What each region’s health authorities think about the return of face masks

As usual, each of Spain’s 17 regions has slightly differing opinions on the use of face masks, but the general consensus is that most of them are recommending wearing masks indoors once again, particularly for the vulnerable and the elderly. 

Madrid

Madrid’s Vice President Enrique Ossorio suggested that masks should be reintroduced in certain situations, due to the rise of cases seen in the region. Masks should be worn by “vulnerable people, those who are immunosuppressed and those who are pregnant,” he argued.

Ossorio also recommended that the use of face masks be extended to enclosed public spaces and large events.

Catalonia

Catalan Health Minister Josep Maria Argimon recommended that those recovering from Covid should continue to wear a mask due to the increase in Covid patients admitted to the ICU in the region, which has increased from 26 to 46 in the space of just three weeks.  

Valencia

The government of Valencia has issued an alert after Covid cases in the region more than doubled in the week leading up to July 4th and has also asked for the return of masks in indoor settings.

The president of the Valencia College of Nursing Laura Almudéver also recommended on Monday July 4th that people should return to wearing masks in indoor spaces, where a distance from others couldn’t be maintained.

Canary Islands

The head of the Immunology Department of the Canary Island government Amós García Rojas on July 3rd explained that due to the rise in cases on the islands, it would be “necessary to maintain certain restrictions”. 

However, he did not rule out the need to “take measures” again, to protect the elderly and the vulnerable. “Perhaps the obligation to wear a mask indoors may be reintroduced if the situation does not improve,” he continued.  

Andalusia  

The Andalusian government has not commented on the general use of masks indoors but has insisted that they will not become mandatory again in schools and has also stated that they will continue to be required on public transport.

Balearic Islands  

The Health Minister of the Balearic Islands´ government Patricia Gómez Picard has said that it’s “advisable” for the vulnerable to wear masks in indoor public spaces but has ruled out mandatory measures.

Will face masks become mandatory again in Spain?

As face mask rules fall under national legislation and not regional, it’s up to Spain’s national government to decide and not the individual regions. 

As the situation stands, the national Health Ministry has ruled out making masks compulsory again.

“We’re calling for caution as we always do when there is a considerable increase in the infection rate,” Health Minister Carolina Darias told journalists in early July.

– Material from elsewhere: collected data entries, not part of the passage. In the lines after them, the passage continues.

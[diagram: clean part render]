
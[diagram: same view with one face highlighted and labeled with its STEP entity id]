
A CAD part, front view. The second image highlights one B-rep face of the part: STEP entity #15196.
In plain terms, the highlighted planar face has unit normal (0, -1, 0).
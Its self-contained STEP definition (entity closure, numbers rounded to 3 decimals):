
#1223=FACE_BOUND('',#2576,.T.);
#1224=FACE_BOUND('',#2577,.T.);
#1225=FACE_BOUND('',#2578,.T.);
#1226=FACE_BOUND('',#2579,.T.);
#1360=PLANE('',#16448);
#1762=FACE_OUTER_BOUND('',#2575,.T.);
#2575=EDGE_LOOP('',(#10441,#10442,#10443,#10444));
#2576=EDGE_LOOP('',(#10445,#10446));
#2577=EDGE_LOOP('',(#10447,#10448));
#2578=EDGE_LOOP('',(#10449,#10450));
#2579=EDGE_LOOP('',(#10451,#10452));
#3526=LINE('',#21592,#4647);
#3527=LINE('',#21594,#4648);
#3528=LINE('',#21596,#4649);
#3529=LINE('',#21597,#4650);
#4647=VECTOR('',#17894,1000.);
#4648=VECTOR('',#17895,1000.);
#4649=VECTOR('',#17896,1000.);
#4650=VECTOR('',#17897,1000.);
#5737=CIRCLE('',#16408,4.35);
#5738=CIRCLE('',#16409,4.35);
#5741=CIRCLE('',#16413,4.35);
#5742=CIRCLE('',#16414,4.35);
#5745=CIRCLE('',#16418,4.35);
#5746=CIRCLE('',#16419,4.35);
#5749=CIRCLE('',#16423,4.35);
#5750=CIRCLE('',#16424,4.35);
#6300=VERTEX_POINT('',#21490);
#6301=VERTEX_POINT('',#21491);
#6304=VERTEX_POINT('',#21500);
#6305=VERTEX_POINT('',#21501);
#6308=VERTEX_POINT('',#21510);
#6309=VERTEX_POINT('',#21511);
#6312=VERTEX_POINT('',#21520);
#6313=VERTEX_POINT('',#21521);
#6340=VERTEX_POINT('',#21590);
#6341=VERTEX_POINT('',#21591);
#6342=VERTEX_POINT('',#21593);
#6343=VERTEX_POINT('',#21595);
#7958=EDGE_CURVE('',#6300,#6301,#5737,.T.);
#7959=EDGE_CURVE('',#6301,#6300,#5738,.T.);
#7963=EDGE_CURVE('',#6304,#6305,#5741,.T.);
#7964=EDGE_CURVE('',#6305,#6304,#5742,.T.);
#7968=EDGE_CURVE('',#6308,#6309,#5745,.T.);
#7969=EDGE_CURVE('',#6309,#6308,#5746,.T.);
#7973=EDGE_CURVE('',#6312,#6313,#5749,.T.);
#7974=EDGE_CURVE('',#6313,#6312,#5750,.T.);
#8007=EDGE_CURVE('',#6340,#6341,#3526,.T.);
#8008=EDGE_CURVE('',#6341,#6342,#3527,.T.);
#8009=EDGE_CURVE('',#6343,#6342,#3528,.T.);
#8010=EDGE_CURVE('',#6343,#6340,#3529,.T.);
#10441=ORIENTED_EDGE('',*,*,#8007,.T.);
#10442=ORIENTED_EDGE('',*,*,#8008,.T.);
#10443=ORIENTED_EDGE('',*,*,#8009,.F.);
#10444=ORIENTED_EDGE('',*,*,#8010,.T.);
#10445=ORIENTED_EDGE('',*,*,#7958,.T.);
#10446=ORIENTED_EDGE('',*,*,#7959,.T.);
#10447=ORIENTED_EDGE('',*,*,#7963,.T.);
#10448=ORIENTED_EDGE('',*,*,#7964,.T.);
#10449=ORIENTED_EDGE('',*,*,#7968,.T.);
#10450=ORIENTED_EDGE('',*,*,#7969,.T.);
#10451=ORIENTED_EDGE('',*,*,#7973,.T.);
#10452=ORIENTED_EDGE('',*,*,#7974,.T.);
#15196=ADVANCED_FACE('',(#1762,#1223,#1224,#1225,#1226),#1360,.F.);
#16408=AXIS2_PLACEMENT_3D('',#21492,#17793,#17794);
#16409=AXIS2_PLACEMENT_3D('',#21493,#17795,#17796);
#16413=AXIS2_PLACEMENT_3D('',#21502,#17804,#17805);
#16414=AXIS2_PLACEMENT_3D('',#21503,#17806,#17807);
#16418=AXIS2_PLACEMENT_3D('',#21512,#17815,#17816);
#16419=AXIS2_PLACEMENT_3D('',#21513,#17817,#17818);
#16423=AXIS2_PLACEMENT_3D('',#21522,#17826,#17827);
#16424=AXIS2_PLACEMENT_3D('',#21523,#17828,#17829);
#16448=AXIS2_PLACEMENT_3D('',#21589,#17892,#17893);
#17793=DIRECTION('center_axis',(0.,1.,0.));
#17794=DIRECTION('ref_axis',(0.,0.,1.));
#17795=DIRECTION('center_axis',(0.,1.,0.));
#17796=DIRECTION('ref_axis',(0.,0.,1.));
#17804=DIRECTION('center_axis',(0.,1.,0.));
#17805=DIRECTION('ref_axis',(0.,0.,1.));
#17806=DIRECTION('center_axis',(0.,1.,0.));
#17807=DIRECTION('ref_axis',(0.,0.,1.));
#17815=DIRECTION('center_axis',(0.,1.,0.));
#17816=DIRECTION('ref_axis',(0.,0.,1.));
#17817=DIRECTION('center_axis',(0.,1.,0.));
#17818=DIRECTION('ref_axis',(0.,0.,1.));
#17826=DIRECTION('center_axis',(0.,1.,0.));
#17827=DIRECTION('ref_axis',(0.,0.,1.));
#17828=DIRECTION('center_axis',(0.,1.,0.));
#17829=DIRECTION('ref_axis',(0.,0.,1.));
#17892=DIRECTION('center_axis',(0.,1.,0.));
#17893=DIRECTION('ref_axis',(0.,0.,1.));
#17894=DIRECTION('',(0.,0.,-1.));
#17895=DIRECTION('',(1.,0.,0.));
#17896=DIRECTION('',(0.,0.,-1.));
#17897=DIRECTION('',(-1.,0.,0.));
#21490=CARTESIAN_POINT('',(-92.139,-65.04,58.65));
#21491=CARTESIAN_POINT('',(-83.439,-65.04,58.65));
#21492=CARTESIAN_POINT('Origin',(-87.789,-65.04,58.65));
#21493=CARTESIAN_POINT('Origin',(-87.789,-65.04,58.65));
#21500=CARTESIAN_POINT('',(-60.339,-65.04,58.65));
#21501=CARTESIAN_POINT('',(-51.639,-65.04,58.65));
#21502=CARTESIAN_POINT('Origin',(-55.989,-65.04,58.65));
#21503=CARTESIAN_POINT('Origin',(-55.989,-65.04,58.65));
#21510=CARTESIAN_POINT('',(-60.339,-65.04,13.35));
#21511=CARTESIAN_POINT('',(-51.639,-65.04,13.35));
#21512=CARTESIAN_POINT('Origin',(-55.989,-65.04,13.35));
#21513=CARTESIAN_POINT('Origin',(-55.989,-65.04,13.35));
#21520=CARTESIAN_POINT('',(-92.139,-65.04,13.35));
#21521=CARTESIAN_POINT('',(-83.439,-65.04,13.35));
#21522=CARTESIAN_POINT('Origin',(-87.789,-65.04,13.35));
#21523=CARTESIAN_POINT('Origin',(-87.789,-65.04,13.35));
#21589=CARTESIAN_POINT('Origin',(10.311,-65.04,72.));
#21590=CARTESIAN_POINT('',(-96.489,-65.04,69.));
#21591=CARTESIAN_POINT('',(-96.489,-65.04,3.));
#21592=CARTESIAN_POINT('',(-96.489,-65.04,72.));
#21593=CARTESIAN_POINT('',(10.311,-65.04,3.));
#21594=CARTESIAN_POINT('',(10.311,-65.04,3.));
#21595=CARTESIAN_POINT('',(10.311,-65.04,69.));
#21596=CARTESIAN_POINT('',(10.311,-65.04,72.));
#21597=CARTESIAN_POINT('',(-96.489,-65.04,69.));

“But when it comes to face masks, it’s a recommendation, because we’ve got an extremely high vaccination rate with 95 million doses having been administered”.

So it seems highly unlikely that masks will become compulsory again in all outdoor or indoor settings in Spain in the near future, despite rising infections.

It could well be that the indoor places where it’s still mandatory to wear a mask – public transport, health centres and care homes – continue to have this rule throughout the summer, perhaps even longer.

But a return to the across-the-board rule won’t happen unless any new Covid-19 subvariants have different and severe symptoms that escape the effectiveness of current vaccines.

The new Omicron subvariants BA4 and BA5 are more transmissible and research shows they can evade vaccination immunity, but their symptoms are milder than previous variants.

Remember as well that the fact that masks are not mandatory in almost all situations currently in Spain does not mean you shouldn’t wear one in certain situations where you think you could be more at risk of catching the virus.

Spanish virologists and health experts such as Quique Bassat, José Manuel Bautista, María del Mar Tomás or José de las Morenas all believe that in the current context of increased prevalence of Covid-19, it’s common sense to take extra precautions in crowded or poorly ventilated indoor areas.

You don’t have to of course, nobody is forcing you to anymore in almost all daily situations, but it’s up to you if you’d rather wear a mask for a few minutes or feel unwell for several days, as well as potentially infect your loved ones who are vulnerable.